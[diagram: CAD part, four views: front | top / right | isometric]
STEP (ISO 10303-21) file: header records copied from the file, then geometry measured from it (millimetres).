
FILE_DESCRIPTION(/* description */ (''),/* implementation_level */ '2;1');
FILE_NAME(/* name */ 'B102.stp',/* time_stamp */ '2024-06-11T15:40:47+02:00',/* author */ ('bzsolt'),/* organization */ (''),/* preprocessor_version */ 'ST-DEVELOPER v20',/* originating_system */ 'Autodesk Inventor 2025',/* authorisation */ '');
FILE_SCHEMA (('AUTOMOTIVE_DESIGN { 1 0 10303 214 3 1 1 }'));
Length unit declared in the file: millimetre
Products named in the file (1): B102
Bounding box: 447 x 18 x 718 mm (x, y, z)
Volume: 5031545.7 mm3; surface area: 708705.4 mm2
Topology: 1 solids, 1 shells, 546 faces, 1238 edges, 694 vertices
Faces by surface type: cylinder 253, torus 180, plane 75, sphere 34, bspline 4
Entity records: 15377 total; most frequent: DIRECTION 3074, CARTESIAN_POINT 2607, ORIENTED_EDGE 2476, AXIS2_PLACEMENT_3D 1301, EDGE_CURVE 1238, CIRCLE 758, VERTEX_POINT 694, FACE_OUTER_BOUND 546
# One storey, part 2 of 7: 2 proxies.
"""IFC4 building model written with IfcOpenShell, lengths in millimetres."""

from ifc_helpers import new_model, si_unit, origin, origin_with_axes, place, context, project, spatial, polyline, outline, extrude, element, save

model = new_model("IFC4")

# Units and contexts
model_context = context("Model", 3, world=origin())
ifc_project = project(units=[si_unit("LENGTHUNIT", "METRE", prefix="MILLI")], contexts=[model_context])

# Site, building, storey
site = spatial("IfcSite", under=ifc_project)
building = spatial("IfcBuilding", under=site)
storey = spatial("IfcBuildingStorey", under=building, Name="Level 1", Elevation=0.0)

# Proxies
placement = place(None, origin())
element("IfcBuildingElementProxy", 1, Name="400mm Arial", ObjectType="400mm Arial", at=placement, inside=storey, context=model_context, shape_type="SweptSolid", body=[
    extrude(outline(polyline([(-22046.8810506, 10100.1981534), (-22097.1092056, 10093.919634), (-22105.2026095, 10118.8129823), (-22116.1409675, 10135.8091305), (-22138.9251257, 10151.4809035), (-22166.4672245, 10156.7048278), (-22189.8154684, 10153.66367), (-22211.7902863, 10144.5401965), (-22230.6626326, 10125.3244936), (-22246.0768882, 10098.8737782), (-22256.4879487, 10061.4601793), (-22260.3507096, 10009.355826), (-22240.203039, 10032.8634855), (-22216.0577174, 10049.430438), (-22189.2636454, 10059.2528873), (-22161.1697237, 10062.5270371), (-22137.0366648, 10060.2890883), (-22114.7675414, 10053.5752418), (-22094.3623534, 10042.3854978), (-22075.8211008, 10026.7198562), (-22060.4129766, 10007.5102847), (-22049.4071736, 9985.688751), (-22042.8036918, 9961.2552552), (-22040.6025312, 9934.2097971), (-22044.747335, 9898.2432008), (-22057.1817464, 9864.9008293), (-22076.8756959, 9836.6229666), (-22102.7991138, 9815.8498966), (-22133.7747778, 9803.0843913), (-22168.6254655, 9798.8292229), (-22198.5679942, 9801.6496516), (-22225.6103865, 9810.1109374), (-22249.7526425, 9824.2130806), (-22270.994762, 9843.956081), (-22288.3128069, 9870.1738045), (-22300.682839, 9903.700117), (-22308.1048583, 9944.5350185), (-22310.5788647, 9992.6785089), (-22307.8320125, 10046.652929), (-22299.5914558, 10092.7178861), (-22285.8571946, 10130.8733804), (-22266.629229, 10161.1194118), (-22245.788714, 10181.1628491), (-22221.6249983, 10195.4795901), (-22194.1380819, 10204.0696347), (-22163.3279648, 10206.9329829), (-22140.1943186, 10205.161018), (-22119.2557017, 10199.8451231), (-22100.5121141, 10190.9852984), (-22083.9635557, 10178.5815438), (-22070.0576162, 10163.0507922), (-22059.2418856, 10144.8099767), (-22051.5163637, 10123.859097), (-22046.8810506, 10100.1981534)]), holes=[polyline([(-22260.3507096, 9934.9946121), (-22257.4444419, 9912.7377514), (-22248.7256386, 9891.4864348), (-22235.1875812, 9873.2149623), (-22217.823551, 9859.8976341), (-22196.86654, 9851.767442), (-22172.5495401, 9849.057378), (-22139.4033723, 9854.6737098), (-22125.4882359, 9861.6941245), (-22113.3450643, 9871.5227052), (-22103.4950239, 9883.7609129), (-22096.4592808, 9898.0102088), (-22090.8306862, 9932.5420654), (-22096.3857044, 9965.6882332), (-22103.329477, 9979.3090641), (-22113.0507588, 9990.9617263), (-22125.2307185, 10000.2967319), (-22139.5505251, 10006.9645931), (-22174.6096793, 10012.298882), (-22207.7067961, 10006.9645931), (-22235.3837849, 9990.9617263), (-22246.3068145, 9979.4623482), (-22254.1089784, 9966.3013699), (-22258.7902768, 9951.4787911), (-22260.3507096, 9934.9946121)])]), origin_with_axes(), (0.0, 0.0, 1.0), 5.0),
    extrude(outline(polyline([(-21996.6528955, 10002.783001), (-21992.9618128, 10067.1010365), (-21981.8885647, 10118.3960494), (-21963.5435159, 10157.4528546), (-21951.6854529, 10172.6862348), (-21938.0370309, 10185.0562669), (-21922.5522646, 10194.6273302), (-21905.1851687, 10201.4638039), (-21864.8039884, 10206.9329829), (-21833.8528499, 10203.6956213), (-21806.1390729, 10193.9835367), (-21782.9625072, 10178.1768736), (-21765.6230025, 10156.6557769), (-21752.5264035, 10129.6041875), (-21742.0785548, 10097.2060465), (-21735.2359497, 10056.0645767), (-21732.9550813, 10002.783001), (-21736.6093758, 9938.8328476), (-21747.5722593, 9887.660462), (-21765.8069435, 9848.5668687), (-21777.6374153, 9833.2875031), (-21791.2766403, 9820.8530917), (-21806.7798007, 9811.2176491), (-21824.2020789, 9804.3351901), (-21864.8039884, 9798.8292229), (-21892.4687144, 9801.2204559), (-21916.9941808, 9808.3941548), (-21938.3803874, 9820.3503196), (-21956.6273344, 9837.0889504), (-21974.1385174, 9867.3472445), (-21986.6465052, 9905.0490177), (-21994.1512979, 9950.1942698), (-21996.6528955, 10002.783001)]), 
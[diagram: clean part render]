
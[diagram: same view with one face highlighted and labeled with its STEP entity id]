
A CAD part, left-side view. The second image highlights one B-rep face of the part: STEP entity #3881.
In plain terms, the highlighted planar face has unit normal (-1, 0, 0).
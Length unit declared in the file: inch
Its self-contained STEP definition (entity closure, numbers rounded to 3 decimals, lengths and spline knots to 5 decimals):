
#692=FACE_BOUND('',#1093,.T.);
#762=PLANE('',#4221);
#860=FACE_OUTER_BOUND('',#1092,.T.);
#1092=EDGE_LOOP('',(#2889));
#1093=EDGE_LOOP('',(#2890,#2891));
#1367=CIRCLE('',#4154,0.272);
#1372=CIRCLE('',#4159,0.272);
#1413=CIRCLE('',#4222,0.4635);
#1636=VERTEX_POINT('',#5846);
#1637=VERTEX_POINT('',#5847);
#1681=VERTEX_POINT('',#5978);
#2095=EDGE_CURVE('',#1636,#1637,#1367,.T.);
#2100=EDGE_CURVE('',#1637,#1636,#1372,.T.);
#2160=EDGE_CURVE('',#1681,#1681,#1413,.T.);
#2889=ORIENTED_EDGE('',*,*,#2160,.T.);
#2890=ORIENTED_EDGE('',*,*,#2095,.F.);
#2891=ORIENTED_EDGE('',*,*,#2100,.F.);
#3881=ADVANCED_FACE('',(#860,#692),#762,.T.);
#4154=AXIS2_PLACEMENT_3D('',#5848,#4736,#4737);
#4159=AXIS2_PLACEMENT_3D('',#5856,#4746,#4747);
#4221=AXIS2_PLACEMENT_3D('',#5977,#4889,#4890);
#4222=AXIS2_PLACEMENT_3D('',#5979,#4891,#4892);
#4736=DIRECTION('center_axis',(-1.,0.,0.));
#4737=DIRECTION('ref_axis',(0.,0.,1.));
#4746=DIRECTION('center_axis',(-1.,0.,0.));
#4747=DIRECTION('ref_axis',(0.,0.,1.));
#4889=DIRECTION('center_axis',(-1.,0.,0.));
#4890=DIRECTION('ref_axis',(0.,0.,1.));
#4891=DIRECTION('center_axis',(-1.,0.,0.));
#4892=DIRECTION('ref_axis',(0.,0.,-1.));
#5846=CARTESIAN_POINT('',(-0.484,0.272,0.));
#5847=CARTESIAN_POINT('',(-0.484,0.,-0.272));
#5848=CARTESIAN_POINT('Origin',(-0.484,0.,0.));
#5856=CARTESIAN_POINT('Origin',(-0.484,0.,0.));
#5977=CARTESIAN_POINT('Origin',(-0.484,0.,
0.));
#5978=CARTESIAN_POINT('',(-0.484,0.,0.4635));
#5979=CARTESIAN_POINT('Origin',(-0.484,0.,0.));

▶ [Assigned task]: Copy all lines from the material that include "spatial".

▶ [Finished task]:
from ifc_helpers import new_model, si_unit, origin, origin_with_axes, place, context, project, spatial, polyline, outline, extrude, element, save
site = spatial("IfcSite", under=ifc_project)
building = spatial("IfcBuilding", under=site)
storey = spatial("IfcBuildingStorey", under=building, Name="Level 1", Elevation=0.0)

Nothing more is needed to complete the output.